(Collection entries)
-*-
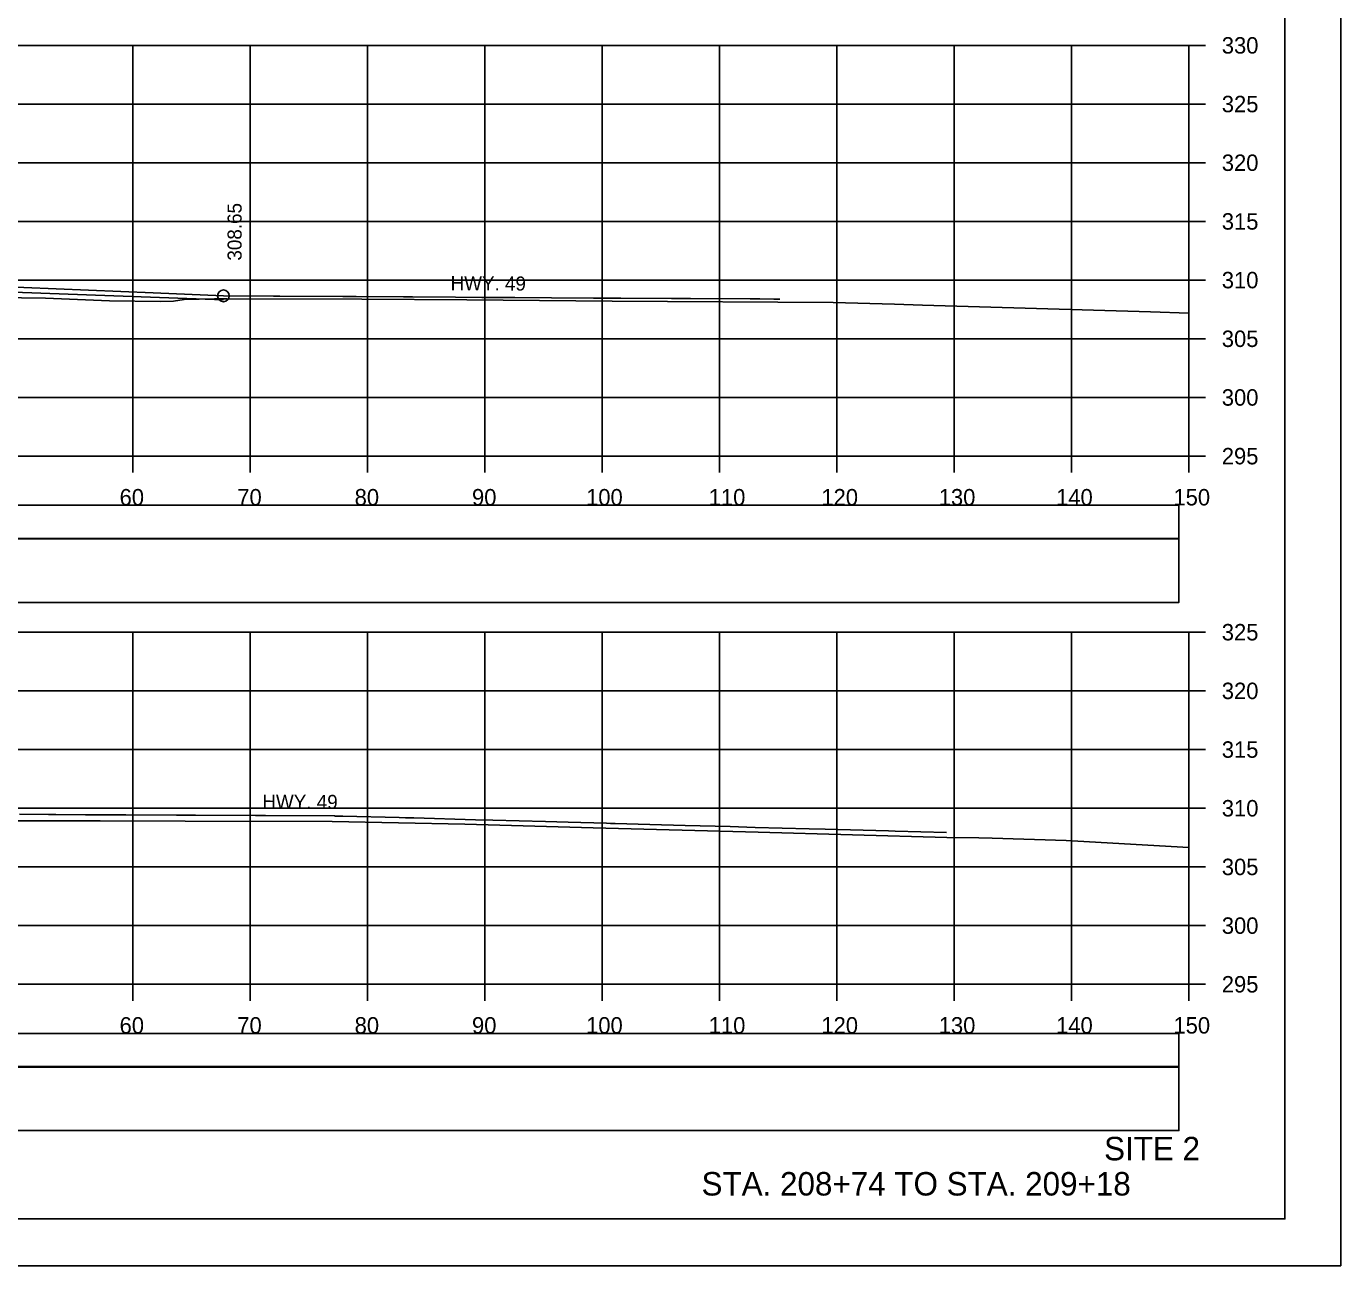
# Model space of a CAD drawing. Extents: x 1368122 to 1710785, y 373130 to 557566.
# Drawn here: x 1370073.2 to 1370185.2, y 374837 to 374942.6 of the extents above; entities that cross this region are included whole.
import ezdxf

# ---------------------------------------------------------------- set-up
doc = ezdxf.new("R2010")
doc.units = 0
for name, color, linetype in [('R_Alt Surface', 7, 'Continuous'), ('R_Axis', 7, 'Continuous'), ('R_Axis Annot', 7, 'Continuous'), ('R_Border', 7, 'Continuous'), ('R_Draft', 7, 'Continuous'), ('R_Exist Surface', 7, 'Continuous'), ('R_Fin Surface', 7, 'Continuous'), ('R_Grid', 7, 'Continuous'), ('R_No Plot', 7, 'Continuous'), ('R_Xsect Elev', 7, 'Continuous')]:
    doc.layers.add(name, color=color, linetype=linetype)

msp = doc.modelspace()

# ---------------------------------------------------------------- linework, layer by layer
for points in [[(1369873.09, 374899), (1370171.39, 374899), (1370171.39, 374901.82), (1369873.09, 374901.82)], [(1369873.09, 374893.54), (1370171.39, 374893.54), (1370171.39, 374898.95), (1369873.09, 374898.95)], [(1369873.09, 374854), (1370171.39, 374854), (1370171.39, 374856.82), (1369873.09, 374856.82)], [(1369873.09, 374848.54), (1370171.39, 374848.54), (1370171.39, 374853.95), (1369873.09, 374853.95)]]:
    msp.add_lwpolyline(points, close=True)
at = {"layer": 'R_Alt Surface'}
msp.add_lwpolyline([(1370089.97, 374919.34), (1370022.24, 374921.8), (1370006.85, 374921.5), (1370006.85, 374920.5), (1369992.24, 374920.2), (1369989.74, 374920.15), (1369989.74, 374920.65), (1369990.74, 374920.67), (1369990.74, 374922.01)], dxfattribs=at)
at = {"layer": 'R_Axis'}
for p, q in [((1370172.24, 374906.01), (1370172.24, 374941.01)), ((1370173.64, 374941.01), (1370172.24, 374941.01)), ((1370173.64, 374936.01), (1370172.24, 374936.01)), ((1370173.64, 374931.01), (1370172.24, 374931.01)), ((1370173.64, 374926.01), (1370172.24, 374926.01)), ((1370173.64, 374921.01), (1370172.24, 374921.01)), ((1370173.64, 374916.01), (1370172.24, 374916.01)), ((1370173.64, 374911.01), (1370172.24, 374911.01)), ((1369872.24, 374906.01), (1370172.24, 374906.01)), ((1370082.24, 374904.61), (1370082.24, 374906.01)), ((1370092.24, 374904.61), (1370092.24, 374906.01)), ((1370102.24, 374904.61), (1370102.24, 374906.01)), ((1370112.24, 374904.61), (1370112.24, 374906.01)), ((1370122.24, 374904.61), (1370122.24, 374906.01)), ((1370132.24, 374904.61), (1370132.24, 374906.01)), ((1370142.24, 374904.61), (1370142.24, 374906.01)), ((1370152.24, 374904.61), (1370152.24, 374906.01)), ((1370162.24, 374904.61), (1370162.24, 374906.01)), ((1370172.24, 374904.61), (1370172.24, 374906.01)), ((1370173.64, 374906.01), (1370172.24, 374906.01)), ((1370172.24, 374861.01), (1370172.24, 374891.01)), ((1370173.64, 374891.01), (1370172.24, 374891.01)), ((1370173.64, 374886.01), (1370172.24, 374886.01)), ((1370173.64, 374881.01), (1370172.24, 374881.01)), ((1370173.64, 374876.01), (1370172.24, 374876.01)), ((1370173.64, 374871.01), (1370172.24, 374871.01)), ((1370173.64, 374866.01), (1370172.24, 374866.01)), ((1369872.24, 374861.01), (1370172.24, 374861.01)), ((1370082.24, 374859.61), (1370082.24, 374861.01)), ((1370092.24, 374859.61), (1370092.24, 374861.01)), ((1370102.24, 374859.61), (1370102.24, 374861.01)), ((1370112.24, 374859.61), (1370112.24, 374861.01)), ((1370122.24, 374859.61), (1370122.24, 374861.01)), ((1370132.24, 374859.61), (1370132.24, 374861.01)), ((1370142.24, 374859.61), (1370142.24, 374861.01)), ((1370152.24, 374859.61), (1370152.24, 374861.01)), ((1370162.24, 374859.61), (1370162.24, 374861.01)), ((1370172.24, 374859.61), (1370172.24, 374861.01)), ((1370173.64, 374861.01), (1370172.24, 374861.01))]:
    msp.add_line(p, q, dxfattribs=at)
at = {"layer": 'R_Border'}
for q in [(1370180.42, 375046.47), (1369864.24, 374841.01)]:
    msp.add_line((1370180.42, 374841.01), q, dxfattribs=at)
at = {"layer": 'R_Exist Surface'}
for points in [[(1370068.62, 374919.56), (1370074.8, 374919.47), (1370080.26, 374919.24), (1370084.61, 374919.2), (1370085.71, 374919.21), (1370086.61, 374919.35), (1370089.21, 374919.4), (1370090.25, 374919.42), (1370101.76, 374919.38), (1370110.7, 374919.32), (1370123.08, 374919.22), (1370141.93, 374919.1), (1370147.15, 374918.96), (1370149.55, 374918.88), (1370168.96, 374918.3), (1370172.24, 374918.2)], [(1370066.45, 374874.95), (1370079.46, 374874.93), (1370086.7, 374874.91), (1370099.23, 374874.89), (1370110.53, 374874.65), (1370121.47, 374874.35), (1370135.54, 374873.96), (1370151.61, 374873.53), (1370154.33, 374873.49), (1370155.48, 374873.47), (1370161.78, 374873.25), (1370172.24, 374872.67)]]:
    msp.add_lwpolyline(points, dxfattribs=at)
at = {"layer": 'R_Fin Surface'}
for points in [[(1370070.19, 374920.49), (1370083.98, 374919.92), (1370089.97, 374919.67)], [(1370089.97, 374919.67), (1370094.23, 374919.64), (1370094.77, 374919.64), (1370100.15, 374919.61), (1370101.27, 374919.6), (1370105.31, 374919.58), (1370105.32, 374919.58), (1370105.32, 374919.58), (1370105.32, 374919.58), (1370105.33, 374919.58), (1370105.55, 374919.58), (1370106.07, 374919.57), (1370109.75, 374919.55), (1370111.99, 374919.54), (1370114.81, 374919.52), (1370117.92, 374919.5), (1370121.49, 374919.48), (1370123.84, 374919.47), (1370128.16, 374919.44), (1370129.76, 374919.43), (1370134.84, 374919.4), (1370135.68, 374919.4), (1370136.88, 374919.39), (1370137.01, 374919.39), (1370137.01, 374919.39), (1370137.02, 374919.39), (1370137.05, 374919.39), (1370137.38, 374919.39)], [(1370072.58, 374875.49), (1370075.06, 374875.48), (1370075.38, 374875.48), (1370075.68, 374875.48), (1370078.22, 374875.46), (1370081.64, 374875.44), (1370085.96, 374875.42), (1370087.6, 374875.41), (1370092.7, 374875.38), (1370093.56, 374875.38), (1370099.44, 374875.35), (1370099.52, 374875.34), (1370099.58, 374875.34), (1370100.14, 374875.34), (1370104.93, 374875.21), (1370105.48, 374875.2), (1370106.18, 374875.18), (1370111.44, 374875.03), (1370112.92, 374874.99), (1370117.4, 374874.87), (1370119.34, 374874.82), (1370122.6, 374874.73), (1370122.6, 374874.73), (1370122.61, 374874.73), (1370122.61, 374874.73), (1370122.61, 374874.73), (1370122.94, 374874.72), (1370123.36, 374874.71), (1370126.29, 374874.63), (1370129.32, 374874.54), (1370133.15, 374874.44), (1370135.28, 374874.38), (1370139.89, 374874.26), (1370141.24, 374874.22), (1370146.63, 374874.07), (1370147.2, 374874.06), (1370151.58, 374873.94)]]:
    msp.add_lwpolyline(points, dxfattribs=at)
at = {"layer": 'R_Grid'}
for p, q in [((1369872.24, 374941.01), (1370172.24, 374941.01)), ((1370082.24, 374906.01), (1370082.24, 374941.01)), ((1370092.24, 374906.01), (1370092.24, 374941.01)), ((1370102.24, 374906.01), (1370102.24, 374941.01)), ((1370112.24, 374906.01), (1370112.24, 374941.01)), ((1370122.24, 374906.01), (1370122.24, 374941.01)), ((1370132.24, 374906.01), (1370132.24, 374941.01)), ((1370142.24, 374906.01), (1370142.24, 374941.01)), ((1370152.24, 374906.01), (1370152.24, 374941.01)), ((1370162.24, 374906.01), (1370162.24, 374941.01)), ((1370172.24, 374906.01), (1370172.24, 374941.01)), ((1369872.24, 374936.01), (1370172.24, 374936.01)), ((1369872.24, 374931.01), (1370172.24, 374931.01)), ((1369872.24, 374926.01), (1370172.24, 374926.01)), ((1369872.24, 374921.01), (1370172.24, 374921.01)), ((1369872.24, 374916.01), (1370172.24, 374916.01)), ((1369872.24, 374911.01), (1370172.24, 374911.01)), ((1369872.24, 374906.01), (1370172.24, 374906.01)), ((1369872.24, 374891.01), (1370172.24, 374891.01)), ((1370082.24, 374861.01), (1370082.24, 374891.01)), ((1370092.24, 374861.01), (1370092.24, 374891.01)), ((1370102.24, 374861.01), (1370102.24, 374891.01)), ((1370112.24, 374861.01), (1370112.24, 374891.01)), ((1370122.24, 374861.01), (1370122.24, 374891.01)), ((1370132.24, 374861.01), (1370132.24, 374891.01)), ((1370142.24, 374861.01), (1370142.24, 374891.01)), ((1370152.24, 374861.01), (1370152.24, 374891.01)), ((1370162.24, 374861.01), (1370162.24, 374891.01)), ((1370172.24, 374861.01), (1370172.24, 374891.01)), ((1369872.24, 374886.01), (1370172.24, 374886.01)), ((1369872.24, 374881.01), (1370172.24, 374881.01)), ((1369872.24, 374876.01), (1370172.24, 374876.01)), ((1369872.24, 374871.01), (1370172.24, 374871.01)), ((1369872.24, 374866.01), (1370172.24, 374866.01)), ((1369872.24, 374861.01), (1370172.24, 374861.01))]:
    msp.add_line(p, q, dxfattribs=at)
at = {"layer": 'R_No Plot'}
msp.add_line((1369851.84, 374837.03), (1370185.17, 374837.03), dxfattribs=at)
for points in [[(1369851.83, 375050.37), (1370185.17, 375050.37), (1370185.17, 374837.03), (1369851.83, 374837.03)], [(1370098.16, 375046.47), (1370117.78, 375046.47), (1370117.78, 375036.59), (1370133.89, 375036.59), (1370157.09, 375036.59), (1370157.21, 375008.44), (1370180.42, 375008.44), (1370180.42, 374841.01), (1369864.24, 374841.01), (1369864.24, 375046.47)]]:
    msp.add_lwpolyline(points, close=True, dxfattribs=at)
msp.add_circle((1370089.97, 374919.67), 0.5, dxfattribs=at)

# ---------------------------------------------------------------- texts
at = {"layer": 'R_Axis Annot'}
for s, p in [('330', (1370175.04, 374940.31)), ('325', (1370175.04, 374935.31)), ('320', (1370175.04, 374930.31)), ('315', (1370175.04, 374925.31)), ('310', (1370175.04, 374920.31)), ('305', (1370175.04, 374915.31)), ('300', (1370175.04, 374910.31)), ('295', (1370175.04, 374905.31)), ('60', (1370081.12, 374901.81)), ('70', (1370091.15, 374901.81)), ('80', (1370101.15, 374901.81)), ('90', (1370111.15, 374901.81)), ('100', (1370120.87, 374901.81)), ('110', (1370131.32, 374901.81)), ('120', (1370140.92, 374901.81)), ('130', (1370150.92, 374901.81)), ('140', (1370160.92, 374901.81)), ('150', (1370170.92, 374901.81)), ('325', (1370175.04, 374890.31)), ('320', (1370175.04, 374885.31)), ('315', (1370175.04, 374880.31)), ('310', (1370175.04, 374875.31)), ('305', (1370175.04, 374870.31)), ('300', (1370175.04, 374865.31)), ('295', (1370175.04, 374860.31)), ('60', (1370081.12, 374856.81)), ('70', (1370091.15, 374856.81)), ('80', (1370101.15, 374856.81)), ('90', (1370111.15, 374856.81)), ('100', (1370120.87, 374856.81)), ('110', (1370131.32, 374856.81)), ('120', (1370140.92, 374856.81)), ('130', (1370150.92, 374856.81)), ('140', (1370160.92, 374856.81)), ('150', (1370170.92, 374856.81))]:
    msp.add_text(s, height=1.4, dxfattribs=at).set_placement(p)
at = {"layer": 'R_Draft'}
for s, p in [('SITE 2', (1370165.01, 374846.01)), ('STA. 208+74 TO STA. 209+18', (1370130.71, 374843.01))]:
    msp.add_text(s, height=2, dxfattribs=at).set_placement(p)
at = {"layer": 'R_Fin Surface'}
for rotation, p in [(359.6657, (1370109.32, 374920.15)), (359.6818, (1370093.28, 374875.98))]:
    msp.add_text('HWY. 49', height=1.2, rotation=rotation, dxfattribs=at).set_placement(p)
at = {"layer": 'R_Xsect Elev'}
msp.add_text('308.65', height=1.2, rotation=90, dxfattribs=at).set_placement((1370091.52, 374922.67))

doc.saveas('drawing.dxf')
-*-
The word is "name". Copy every line above where it appears.

for name, color, linetype in [('R_Alt Surface', 7, 'Continuous'), ('R_Axis', 7, 'Continuous'), ('R_Axis Annot', 7, 'Continuous'), ('R_Border', 7, 'Continuous'), ('R_Draft', 7, 'Continuous'), ('R_Exist Surface', 7, 'Continuous'), ('R_Fin Surface', 7, 'Continuous'), ('R_Grid', 7, 'Continuous'), ('R_No Plot', 7, 'Continuous'), ('R_Xsect Elev', 7, 'Continuous')]:
    doc.layers.add(name, color=color, linetype=linetype)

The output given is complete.